◆ Extracted data:
····················
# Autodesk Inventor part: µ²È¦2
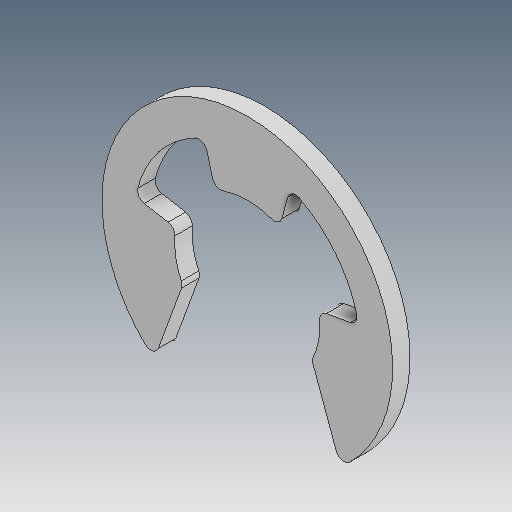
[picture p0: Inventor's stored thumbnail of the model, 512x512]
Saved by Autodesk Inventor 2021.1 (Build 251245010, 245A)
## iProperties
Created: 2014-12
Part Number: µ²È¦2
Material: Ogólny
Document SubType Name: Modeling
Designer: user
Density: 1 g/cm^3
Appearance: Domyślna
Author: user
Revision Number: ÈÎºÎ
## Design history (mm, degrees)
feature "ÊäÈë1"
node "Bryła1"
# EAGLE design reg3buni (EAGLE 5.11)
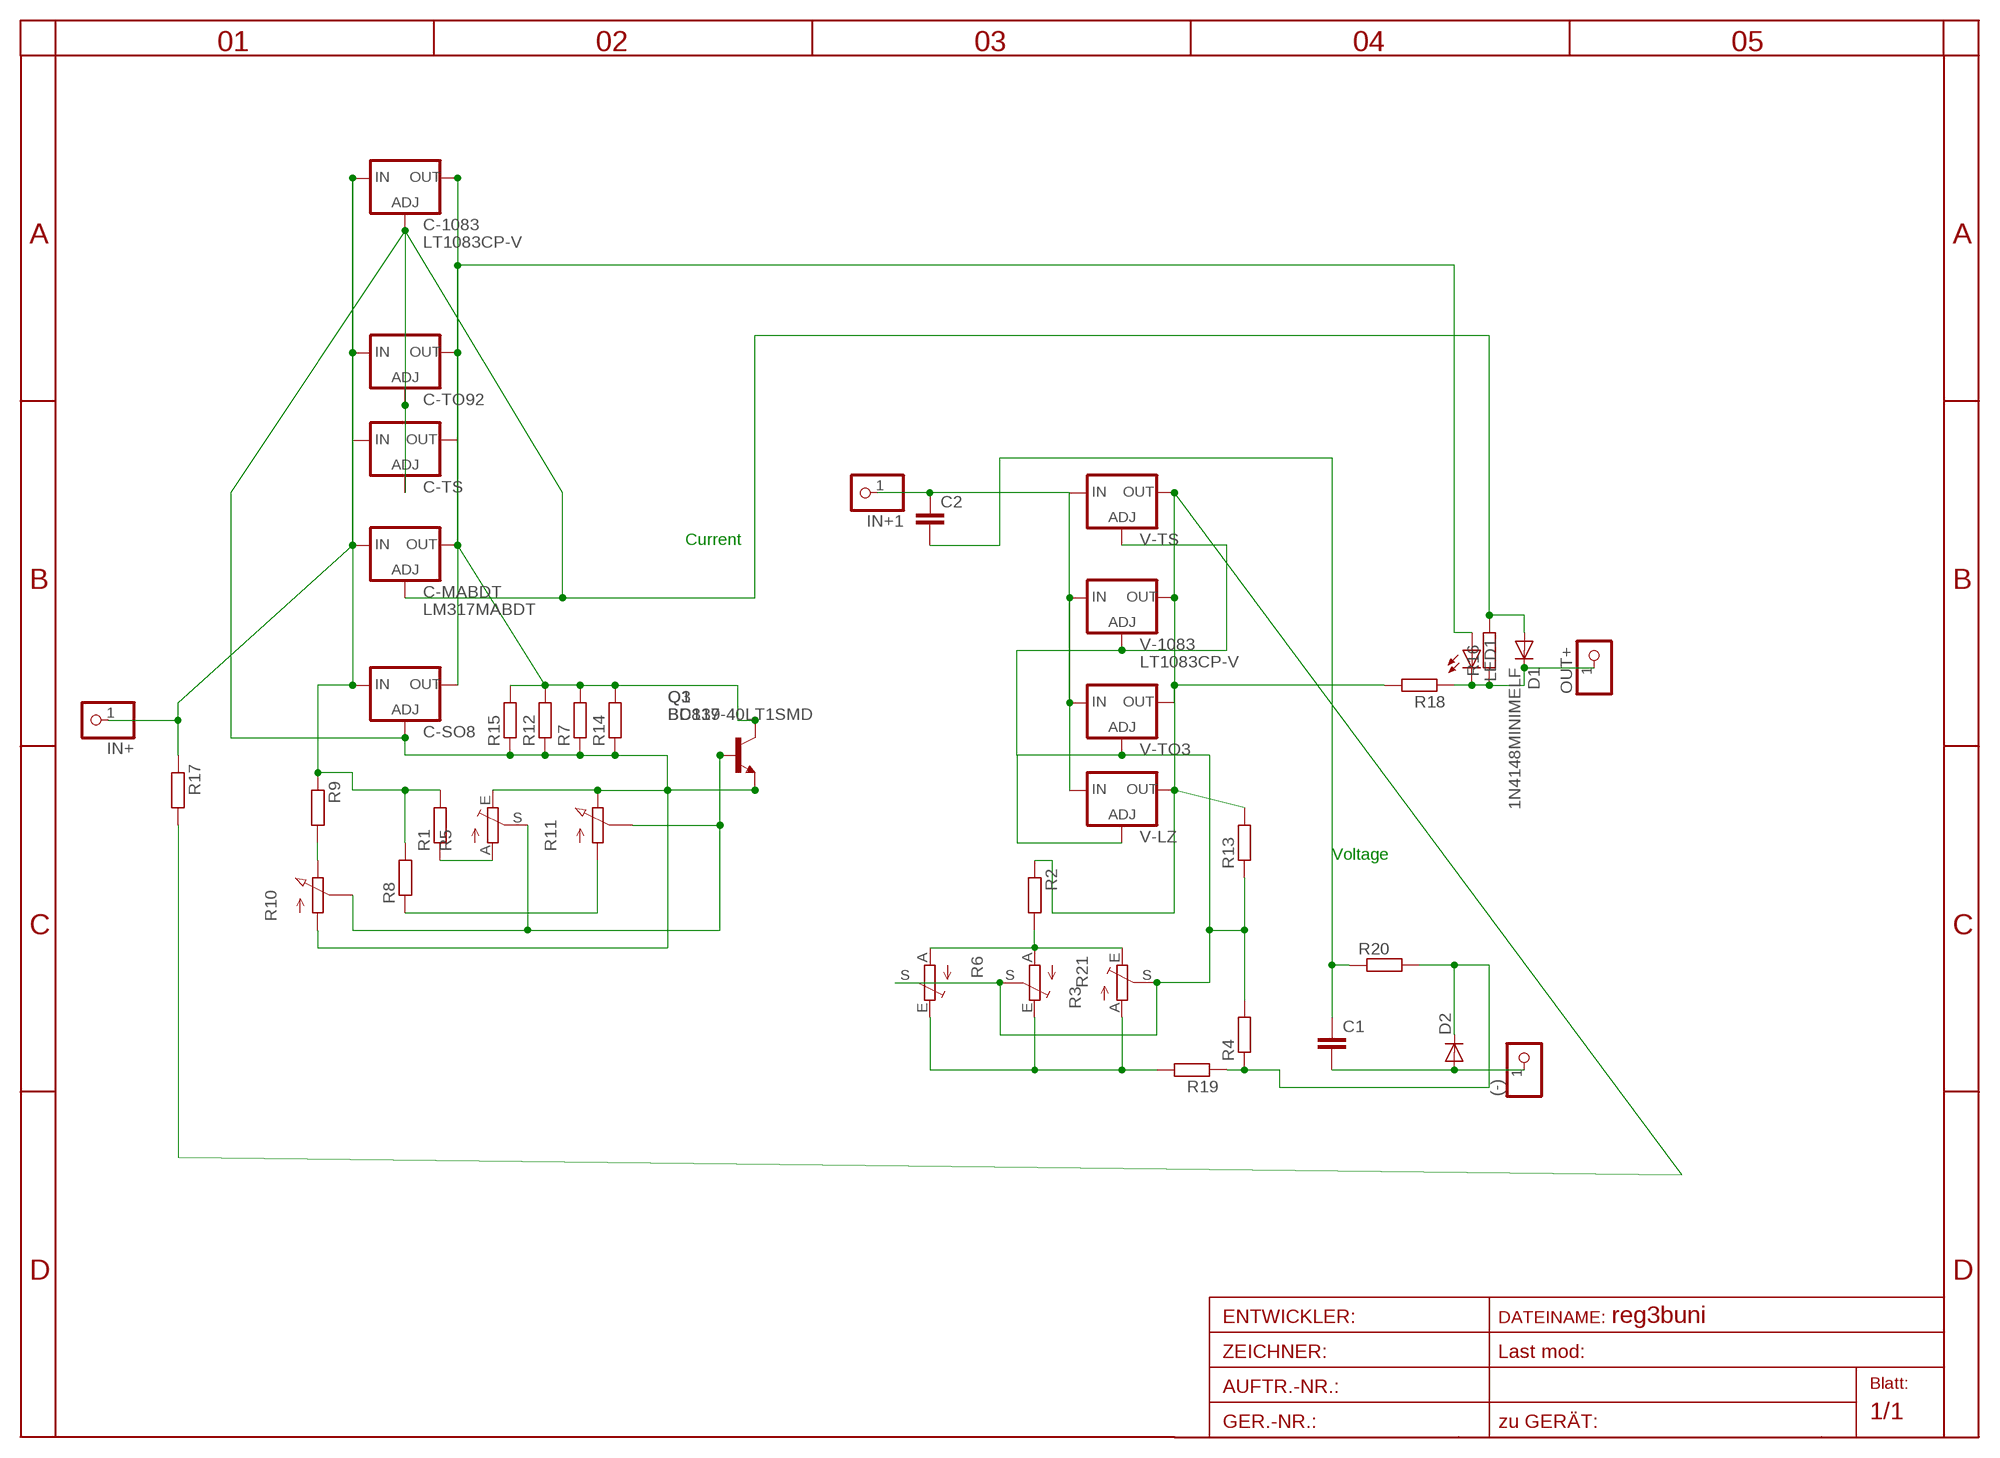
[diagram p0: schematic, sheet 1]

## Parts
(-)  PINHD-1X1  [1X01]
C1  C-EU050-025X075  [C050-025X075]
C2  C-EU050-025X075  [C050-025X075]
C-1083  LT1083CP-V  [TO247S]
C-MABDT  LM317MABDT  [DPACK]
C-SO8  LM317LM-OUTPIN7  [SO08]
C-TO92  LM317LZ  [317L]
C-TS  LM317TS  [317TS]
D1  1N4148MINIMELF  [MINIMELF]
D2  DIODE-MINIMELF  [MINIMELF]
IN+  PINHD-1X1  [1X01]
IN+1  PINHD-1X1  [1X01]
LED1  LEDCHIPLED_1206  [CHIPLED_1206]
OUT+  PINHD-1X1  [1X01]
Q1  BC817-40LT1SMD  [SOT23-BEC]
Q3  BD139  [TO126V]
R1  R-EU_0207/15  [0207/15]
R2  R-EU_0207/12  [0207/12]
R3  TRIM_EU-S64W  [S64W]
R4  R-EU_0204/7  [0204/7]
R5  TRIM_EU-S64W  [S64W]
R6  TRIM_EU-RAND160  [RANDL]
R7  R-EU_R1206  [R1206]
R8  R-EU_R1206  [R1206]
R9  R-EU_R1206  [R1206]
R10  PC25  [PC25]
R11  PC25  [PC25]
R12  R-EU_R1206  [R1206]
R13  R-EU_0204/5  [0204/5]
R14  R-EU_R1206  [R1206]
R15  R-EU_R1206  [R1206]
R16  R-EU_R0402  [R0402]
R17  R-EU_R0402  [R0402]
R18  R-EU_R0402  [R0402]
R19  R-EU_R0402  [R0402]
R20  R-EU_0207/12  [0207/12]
····················
Retype exactly, please, the span from the line holding "[picture p0: Inventor's" through the closing line of the data, both ends included, without the pictures.

[picture p0: Inventor's stored thumbnail of the model, 512x512]
Saved by Autodesk Inventor 2021.1 (Build 251245010, 245A)
## iProperties
Created: 2014-12
Part Number: µ²È¦2
Material: Ogólny
Document SubType Name: Modeling
Designer: user
Density: 1 g/cm^3
Appearance: Domyślna
Author: user
Revision Number: ÈÎºÎ
## Design history (mm, degrees)
feature "ÊäÈë1"
node "Bryła1"
# EAGLE design reg3buni (EAGLE 5.11)
[diagram p0: schematic, sheet 1]

## Parts
(-)  PINHD-1X1  [1X01]
C1  C-EU050-025X075  [C050-025X075]
C2  C-EU050-025X075  [C050-025X075]
C-1083  LT1083CP-V  [TO247S]
C-MABDT  LM317MABDT  [DPACK]
C-SO8  LM317LM-OUTPIN7  [SO08]
C-TO92  LM317LZ  [317L]
C-TS  LM317TS  [317TS]
D1  1N4148MINIMELF  [MINIMELF]
D2  DIODE-MINIMELF  [MINIMELF]
IN+  PINHD-1X1  [1X01]
IN+1  PINHD-1X1  [1X01]
LED1  LEDCHIPLED_1206  [CHIPLED_1206]
OUT+  PINHD-1X1  [1X01]
Q1  BC817-40LT1SMD  [SOT23-BEC]
Q3  BD139  [TO126V]
R1  R-EU_0207/15  [0207/15]
R2  R-EU_0207/12  [0207/12]
R3  TRIM_EU-S64W  [S64W]
R4  R-EU_0204/7  [0204/7]
R5  TRIM_EU-S64W  [S64W]
R6  TRIM_EU-RAND160  [RANDL]
R7  R-EU_R1206  [R1206]
R8  R-EU_R1206  [R1206]
R9  R-EU_R1206  [R1206]
R10  PC25  [PC25]
R11  PC25  [PC25]
R12  R-EU_R1206  [R1206]
R13  R-EU_0204/5  [0204/5]
R14  R-EU_R1206  [R1206]
R15  R-EU_R1206  [R1206]
R16  R-EU_R0402  [R0402]
R17  R-EU_R0402  [R0402]
R18  R-EU_R0402  [R0402]
R19  R-EU_R0402  [R0402]
R20  R-EU_0207/12  [0207/12]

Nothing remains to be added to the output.